This version of Sockeye contains codes to train a denoising autoencoder for sequences. It includes the following artificial noises for source side:
- Insertion of frequent tokens
- Deletion of tokens
- Permutation of tokens with a limited distance
If you use this code, please cite:
- Yunsu Kim, Jiahui Geng and Hermann Ney. Improving Unsupervised Word-by-Word Translation Using Language Model and Denoising Autoencoder. EMNLP 2018.
- Felix Hieber, Tobias Domhan, Michael Denkowski, David Vilar, Artem Sokolov, Ann Clifton and Matt Post. Sockeye: A Toolkit for Neural Machine Translation. arXiv preprint.
If you are looking for the language model integration into cross-lingual word embedding, please go to wbw-lm.

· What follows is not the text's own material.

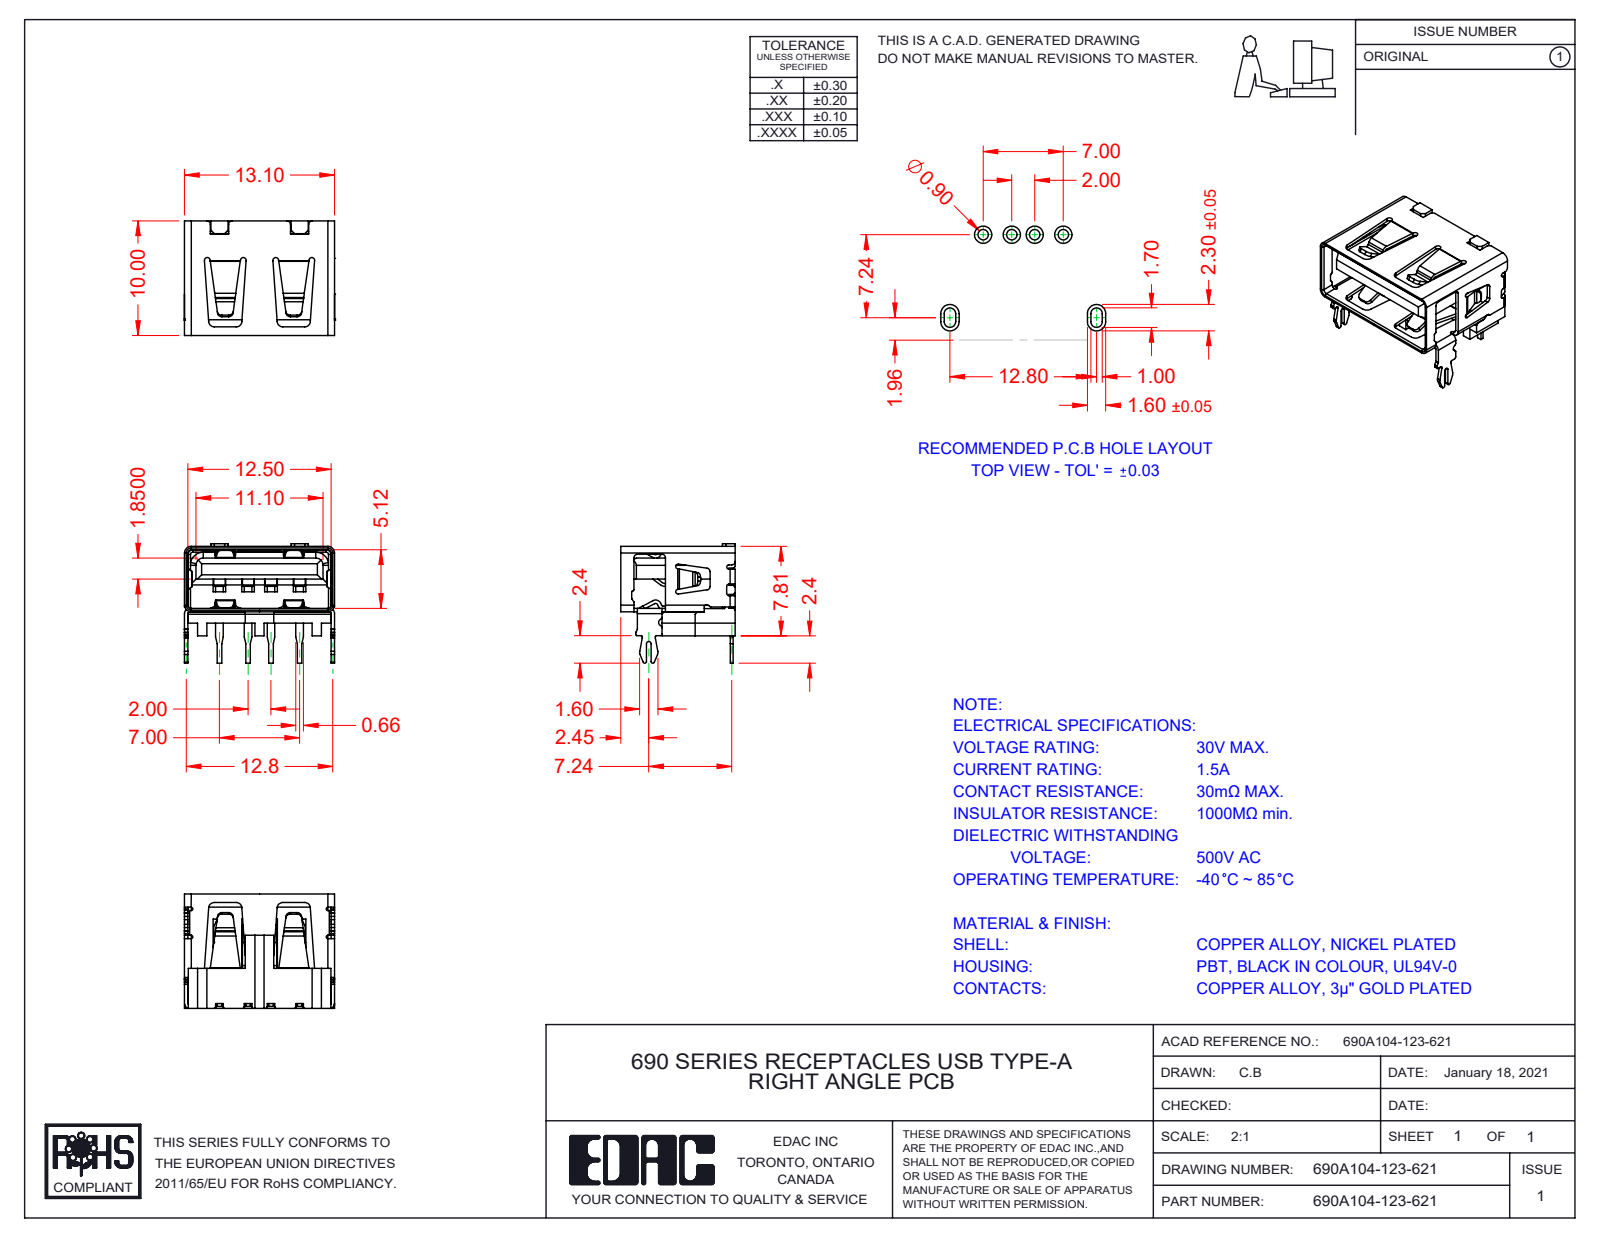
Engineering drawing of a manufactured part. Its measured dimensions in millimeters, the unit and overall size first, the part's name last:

> pip install -r requirements/requirements.txt
> pip install .
after cloning the repository from git.
If you want to run on a GPU you need to make sure your version of Apache MXNet Incubating contains the GPU bindings. Depending on your version of CUDA you can do this by running the following:
> pip install -r requirements/requirements.gpu-cu${CUDA_VERSION}.txt
> pip install .
where ${CUDA_VERSION}
can be 75
(7.5), 80
(8.0), 90
(9.0), or 91
(9.1).
To train a denoising autoencoder, turn on --source-noise-train
with detailed noise options (--source-noise-insertion
, --source-noise-insertion-vocab
, --source-noise-deletion
, --source-noise-permutation
). Please put the same training data for both source and target sides and also the same validation data for both sides. Optionally, you can also switch on --source-noise-validation
to evaluate your models on a noisy validation set during the training. Example:
> python -m sockeye.train -s {training_data} \
-t {training_data} \
-vs {validation_data} \
-vt {validation_data} \
--source-noise-train \
--source-noise-permutation 3 \
--source-noise-deletion 0.1 \
--source-noise-insertion 0.1 \
--source-noise-insertion-vocab 50 \
.... (other options)
Denoising with a trained model can be done with sockeye.translate
module in the same way as translating an input sentence. You can use all other modules provided by Sockeye on denoising autoencoder, e.g. sharding the training data (sockeye.prepare_data
) or model averaging (sockeye.average
). Please refer to the Sockeye documentation for details.